Where a line below holds the string "color", copy that line.
··· Given information
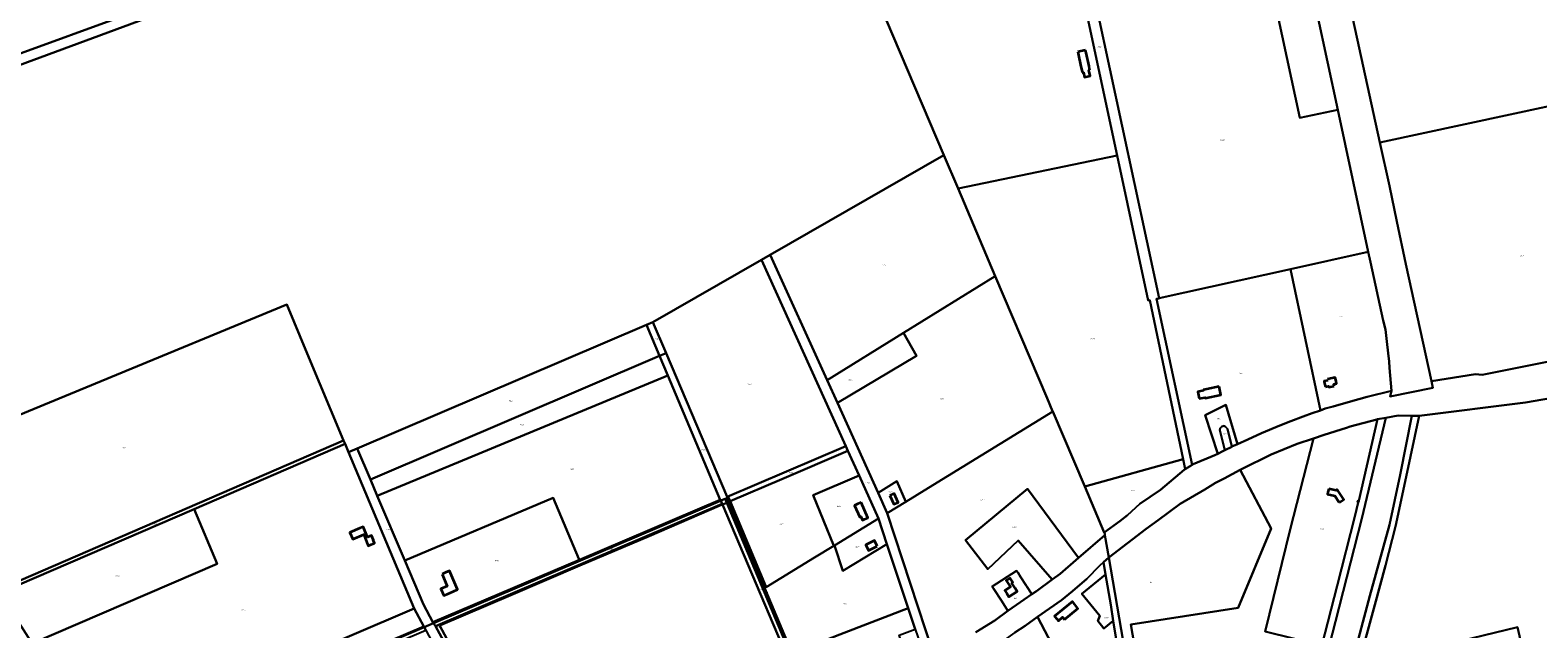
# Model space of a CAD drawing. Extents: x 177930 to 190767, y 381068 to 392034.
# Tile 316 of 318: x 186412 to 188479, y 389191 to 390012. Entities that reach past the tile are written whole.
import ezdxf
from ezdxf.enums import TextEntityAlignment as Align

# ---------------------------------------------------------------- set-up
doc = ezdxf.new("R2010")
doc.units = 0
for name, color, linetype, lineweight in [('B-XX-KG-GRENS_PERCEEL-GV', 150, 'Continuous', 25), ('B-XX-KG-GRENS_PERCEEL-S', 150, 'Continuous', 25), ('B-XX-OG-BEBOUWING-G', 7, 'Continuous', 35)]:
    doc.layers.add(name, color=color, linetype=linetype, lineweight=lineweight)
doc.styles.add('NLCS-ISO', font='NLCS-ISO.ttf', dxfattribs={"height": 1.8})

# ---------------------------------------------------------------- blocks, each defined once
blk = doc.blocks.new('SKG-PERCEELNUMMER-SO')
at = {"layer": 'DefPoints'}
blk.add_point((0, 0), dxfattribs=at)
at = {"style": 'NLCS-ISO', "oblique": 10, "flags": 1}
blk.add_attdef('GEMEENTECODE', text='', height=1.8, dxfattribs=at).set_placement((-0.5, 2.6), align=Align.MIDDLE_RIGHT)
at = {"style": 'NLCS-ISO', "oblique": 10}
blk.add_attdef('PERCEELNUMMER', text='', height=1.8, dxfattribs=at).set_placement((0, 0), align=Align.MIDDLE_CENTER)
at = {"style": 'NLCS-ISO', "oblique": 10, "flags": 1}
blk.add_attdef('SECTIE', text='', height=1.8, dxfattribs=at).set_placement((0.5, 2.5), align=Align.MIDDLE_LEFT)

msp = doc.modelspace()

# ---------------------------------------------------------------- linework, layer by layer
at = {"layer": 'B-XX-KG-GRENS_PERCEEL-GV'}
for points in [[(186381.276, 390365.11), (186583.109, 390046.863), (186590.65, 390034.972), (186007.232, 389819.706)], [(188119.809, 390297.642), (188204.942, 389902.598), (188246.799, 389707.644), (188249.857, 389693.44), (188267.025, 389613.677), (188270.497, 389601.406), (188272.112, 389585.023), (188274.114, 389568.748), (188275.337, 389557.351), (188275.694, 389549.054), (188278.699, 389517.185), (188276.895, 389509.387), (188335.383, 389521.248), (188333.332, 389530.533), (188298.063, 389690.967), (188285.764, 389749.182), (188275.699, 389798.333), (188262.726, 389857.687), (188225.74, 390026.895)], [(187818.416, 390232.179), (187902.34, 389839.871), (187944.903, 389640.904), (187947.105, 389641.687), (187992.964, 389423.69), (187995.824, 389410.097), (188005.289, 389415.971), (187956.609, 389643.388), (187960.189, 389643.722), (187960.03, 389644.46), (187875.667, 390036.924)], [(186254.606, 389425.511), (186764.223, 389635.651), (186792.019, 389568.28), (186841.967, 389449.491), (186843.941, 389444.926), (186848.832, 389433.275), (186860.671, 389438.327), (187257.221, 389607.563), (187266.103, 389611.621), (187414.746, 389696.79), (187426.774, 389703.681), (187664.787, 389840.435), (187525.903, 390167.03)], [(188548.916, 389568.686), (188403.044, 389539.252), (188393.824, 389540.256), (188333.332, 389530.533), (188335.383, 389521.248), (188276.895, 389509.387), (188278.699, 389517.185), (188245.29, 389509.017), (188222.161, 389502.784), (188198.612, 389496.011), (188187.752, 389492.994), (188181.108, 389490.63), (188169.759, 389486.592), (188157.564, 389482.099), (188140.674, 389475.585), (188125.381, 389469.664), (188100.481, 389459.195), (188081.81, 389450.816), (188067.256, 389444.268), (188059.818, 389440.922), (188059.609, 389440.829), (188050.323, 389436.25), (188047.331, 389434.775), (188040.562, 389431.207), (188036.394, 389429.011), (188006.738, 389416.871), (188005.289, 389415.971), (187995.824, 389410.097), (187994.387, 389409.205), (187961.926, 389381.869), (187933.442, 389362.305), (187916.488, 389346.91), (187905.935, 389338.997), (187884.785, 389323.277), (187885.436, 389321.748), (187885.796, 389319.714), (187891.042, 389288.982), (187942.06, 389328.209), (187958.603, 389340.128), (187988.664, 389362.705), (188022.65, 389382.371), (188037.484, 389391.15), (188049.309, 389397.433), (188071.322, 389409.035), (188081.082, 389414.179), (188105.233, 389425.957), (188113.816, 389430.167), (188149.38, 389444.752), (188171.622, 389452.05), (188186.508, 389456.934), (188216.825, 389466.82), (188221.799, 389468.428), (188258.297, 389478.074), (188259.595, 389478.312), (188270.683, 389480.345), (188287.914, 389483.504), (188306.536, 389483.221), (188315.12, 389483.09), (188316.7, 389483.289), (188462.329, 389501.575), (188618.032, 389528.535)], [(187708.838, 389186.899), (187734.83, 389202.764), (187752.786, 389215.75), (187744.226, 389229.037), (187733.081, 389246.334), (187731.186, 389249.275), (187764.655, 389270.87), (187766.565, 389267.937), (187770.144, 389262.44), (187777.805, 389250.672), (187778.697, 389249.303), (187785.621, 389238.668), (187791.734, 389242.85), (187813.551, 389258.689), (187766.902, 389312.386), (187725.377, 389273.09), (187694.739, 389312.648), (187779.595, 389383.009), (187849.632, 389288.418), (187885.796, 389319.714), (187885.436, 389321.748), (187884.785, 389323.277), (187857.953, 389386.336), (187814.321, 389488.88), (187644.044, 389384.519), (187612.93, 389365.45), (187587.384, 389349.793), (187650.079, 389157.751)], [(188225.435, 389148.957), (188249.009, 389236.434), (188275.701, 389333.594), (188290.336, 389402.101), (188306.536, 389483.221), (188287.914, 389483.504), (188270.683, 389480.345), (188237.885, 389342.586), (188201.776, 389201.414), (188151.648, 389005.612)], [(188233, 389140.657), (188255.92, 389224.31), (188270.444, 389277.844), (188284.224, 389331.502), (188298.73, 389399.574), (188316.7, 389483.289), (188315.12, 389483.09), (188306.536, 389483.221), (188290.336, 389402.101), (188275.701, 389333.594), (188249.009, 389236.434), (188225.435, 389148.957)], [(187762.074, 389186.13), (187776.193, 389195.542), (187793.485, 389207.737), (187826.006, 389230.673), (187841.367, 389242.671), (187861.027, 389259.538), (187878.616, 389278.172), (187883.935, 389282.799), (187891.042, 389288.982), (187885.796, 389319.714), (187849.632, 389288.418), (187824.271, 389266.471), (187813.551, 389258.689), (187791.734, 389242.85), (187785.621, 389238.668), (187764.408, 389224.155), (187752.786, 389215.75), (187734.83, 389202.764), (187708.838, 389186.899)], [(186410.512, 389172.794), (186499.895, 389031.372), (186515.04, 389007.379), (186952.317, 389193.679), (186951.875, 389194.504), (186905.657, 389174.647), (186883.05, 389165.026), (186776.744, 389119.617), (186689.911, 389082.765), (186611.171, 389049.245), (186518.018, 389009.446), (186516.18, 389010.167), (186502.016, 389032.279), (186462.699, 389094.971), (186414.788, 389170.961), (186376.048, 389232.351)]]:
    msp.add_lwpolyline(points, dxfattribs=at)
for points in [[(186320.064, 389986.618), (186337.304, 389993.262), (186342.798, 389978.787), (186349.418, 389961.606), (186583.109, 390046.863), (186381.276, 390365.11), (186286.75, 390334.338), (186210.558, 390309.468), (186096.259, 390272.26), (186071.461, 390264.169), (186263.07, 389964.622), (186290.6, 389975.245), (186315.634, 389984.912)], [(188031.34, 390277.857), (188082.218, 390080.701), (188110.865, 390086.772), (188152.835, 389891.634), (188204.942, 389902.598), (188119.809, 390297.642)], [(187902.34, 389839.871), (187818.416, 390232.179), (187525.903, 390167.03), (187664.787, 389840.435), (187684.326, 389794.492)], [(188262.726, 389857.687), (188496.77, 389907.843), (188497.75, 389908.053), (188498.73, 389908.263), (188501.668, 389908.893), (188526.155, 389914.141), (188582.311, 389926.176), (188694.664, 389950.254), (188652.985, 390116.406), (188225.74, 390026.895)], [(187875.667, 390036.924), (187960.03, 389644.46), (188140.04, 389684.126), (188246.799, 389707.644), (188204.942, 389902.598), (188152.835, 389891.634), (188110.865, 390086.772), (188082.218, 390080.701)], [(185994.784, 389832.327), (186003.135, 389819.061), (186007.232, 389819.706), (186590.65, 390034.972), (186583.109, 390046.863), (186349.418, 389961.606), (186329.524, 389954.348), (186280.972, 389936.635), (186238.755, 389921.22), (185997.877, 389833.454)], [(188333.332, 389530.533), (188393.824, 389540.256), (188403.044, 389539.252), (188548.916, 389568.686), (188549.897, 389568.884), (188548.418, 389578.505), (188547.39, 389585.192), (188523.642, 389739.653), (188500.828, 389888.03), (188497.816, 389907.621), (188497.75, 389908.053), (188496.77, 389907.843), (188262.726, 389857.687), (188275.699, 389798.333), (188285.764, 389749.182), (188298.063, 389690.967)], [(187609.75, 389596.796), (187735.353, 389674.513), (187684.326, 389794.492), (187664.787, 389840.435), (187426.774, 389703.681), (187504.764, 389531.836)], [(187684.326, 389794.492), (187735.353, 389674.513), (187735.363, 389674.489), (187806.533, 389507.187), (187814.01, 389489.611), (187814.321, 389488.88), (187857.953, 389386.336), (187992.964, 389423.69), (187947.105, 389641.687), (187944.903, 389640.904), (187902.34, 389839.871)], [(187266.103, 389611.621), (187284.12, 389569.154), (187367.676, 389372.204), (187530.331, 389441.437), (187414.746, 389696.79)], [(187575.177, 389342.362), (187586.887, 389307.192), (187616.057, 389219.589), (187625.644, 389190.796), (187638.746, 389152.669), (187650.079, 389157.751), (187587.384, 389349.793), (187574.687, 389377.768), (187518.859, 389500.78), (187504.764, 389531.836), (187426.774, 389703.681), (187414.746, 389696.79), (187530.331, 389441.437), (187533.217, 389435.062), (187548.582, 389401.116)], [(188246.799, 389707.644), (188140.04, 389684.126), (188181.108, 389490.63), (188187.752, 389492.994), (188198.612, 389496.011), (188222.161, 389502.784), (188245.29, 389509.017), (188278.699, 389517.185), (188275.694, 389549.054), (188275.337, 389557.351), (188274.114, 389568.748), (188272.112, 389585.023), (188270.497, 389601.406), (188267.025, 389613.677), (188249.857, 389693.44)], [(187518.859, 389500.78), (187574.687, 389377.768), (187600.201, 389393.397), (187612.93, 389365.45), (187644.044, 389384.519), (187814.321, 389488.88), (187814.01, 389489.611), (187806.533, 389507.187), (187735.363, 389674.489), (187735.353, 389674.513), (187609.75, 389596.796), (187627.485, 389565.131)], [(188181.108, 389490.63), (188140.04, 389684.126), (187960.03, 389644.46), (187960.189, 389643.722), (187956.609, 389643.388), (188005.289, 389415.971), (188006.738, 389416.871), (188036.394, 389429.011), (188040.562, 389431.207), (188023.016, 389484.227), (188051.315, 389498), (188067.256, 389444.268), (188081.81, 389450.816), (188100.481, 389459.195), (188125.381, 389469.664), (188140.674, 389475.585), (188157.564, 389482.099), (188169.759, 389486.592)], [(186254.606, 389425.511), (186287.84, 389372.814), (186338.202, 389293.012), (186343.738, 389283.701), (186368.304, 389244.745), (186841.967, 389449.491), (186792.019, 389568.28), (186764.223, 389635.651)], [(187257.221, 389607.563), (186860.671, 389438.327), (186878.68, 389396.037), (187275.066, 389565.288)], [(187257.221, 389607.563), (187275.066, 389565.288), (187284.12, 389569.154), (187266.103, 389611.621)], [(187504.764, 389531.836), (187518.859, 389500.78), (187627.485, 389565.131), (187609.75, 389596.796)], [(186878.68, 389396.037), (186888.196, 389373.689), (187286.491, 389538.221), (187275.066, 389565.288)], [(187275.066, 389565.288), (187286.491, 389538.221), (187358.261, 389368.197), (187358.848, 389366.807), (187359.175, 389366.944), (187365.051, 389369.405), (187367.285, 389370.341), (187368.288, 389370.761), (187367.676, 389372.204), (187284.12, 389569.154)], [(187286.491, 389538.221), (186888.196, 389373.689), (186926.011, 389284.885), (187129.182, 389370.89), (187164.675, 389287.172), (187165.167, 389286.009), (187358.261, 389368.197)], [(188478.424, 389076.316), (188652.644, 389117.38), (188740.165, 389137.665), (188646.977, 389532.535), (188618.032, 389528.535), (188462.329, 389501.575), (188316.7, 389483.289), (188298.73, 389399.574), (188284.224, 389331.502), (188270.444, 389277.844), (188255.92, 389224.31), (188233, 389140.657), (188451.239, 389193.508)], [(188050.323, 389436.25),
······
▶ _Answer section_:
for name, color, linetype, lineweight in [('B-XX-KG-GRENS_PERCEEL-GV', 150, 'Continuous', 25), ('B-XX-KG-GRENS_PERCEEL-S', 150, 'Continuous', 25), ('B-XX-OG-BEBOUWING-G', 7, 'Continuous', 35)]:
    doc.layers.add(name, color=color, linetype=linetype, lineweight=lineweight)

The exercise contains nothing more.